◆ DATASET EXTRACT ◆
--

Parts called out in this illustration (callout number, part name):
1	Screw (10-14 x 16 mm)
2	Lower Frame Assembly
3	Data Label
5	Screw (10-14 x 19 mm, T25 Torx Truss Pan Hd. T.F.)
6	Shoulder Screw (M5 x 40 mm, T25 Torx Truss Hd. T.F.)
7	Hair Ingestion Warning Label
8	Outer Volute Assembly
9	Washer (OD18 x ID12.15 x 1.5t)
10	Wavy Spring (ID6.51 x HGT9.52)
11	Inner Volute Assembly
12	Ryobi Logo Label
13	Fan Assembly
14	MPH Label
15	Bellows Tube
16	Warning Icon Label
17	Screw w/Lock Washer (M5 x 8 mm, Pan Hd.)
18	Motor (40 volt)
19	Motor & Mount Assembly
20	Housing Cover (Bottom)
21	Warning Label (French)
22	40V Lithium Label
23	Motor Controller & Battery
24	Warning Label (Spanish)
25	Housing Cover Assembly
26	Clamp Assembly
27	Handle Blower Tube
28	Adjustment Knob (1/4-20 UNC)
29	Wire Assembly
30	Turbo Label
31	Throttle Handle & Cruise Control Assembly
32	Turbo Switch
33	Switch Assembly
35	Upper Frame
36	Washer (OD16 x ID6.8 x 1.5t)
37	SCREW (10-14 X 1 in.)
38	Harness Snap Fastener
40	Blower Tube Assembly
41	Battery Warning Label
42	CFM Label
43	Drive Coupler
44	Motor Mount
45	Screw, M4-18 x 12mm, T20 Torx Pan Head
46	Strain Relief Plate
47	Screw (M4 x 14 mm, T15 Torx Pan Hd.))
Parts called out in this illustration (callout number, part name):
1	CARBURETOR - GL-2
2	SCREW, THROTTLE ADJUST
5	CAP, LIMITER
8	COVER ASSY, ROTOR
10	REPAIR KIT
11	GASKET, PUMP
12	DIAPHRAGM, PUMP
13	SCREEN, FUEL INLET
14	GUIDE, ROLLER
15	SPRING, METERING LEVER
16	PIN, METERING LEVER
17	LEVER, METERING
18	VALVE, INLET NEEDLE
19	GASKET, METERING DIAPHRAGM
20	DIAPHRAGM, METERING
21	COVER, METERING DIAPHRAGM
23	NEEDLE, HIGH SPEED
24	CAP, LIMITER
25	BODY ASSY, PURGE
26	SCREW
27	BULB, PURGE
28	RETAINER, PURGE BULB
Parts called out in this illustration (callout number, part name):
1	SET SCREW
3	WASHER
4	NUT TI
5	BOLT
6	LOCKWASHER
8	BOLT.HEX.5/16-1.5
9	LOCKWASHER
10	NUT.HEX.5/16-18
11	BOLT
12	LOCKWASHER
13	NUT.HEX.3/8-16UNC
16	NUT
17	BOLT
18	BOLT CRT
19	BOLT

--

◆ TASK STATEMENT ◆
Look through the records above and report how many lines hold the word "Label", giving only the number.

◆ SOLUTION TO THE EXERCISE ◆
11